Webpage of Alex Mramor   

Welcome to the webpage of Alex Mramor

About me:

I'm a sixth year graduate student at UCI advised by Richard Schoen. My research interests are in geometric analysis, more particularly mean curvature flow (and weak solutions thereof), minimal surfaces, and mathematical general relativity.

Starting Fall 2019 I'll be a J.J. Sylvester assistant professor at Johns Hopkins.

My email is mramora at uci.edu

Publications and preprints:

  1. Ancient and Eternal Solutions to Mean Curvature Flow from Minimal Surfaces (joint with Alec Payne). Preprint link

    In this article Alec and I construct ancient and eternal flows which flow "out" of certain classes of unstable minimal hypersurfaces in Rn+1. Special attention is given to the rotationally symmetric cases where one flows out of a catenoid - in this case we show there in fact exists an eternal solution and we prove a partial uniqueness theorem concerning these.

  2. Nonconvex Surfaces which Flow to Round Points (joint with Alec Payne). Preprint. link

    In this article we extend Huisken's theorem that convex surfaces flow to round points by mean curvature flow. We will construct certain classes of mean convex and non-mean convex hypersurfaces that shrink to round points and use these constructions to create pathological examples of flows. We find a sequence of flows that exist on a uniform time interval, have uniformly bounded diameter, and shrink to round points, yet the sequence of initial surfaces has no subsequence converging in the Gromov-Hausdorff sense. Moreover, we construct such a sequence of flows where the initial surfaces converge to a space-filling surface. Also constructed are surfaces of arbitrarily large area which are close in Hausdorff distance to the round sphere yet shrink to round points.

  3. Low Entropy and the Mean Curvature Flow with Surgery (joint with Shengwen Wang). Preprint. link

    In this article, my collaborator Shengwen and I extend the mean curvature flow with surgery to mean convex hypersurfaces with low entropy. In particular, 2-convexity is not assumed. We then show that smooth n-dimensional closed self shrinkers with entropy less than that of the round (n-2) sphere are isotopic to the(round) n sphere

  4. Regularity and stability results for the level set flow via the mean curvature flow with surgery. To appear in Communications in Analysis and Geometry. link

    In this article I use the mean curvature flow with surgery to get regularity results for the level set flow that go beyond Brakke regularity theorem. I also show a stability result for the plane under the level set flow.

  5. On the topological rigidity of self shrinkers in R^3 (joint with Shengwen Wang). To appear in International Mathematics Research Notices. link

    In this article my collaborator Shengwen and I show that self shrinkers in R^3 are "topologically standard" in that they are ambiently isotopic to standard genus g surfaces. In particular, self shrinking tori are unknotted (in the obvious sense).

  6. Entropy and generic mean curvature in curved ambient spaces. To appear in the Proceedings of the AMS. link

    In this article I show that surfaces that shrink to points do so generically to round points, in the sense of Colding and Minicozzi. The main point is to overcome a lack of good monotonicity formula for mean curvature flow in curved ambient spaces.

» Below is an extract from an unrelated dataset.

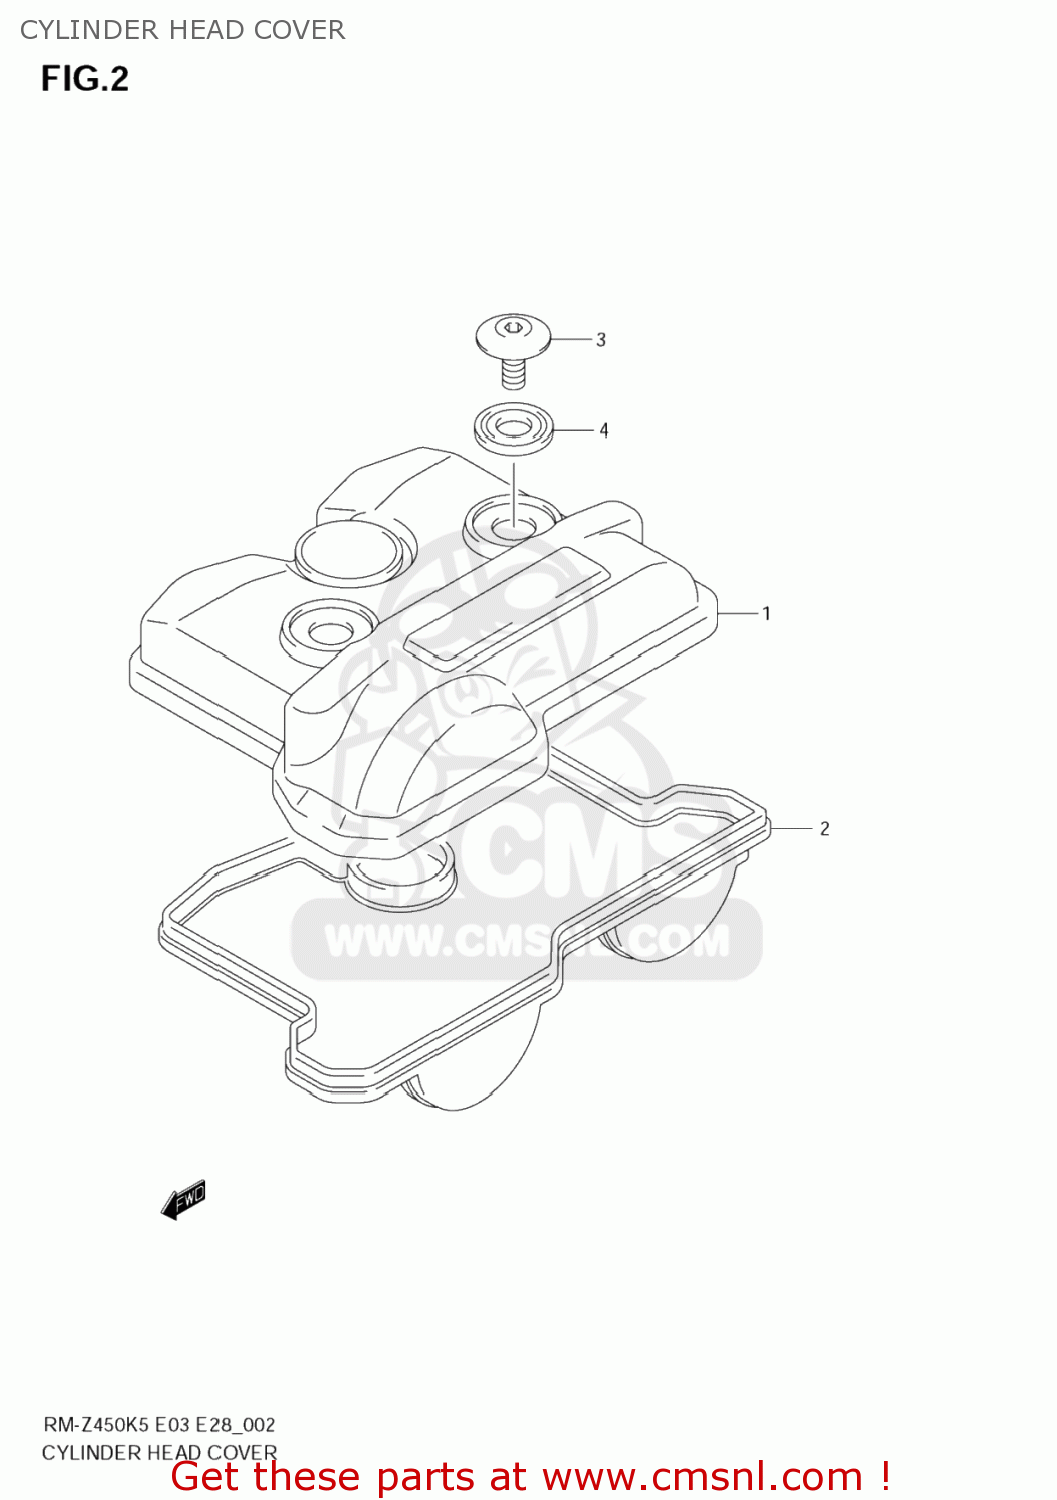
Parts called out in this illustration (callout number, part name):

  7. A finiteness theorem via the mean curvature flow with surgery. To appear in the Journal of Geometric Analysis. link

    In this article I use the mean curvature flow with surgery to construct an ambient isotopy of a 2-convex hypersurface to a "skeleton," or a number of embedded S^1s connected by intervals. Then I can estimate the number of skeletons up to isotopy (given certain conditions on the original class of hypersurfaces) to establish an extrinsic finiteness theorem in the spirit of Cheeger's finiteness theorem.

Teaching:

Spring 2019: No teaching duties this quarter

Talks given or planned:

  1. Geometry and Topology seminar at UCSC Feb 28th 2019
  2. Contributed talk at the 2018 Barrett lectures, June 1 at UTK
  3. Contributed talk at math connections 2018, May 19th at UCR
  4. Geometric analysis seminar at UTK Nov 29th 2017
  5. Colloquium at CSUF April 28th 2017
I'm also often a co-organizer for a/the (sometimes there are multiple) geometric analysis learning seminar at UCI and have given numerous talks there. Recently we've been carefully reading through Simon's GMT notes.

Non math stuff:

My wife Alicia and I have turned into avid hikers -it's a great way to relax a little and the outdoors can be a great place to get new math ideas too! UCI is in a prime location for hiking with many mountains relatively nearby. Two of our favorite peaks are San Jacinto and San Gorgonio about an hour and a half away:

Here are Alicia and I on San Gorgonio.

Here is a great view of San Jacinto from San Gorgonio.

In the background is San Gorgonio viewed from San Jacinto, on the way up to Long valley on the cactus to clouds hike.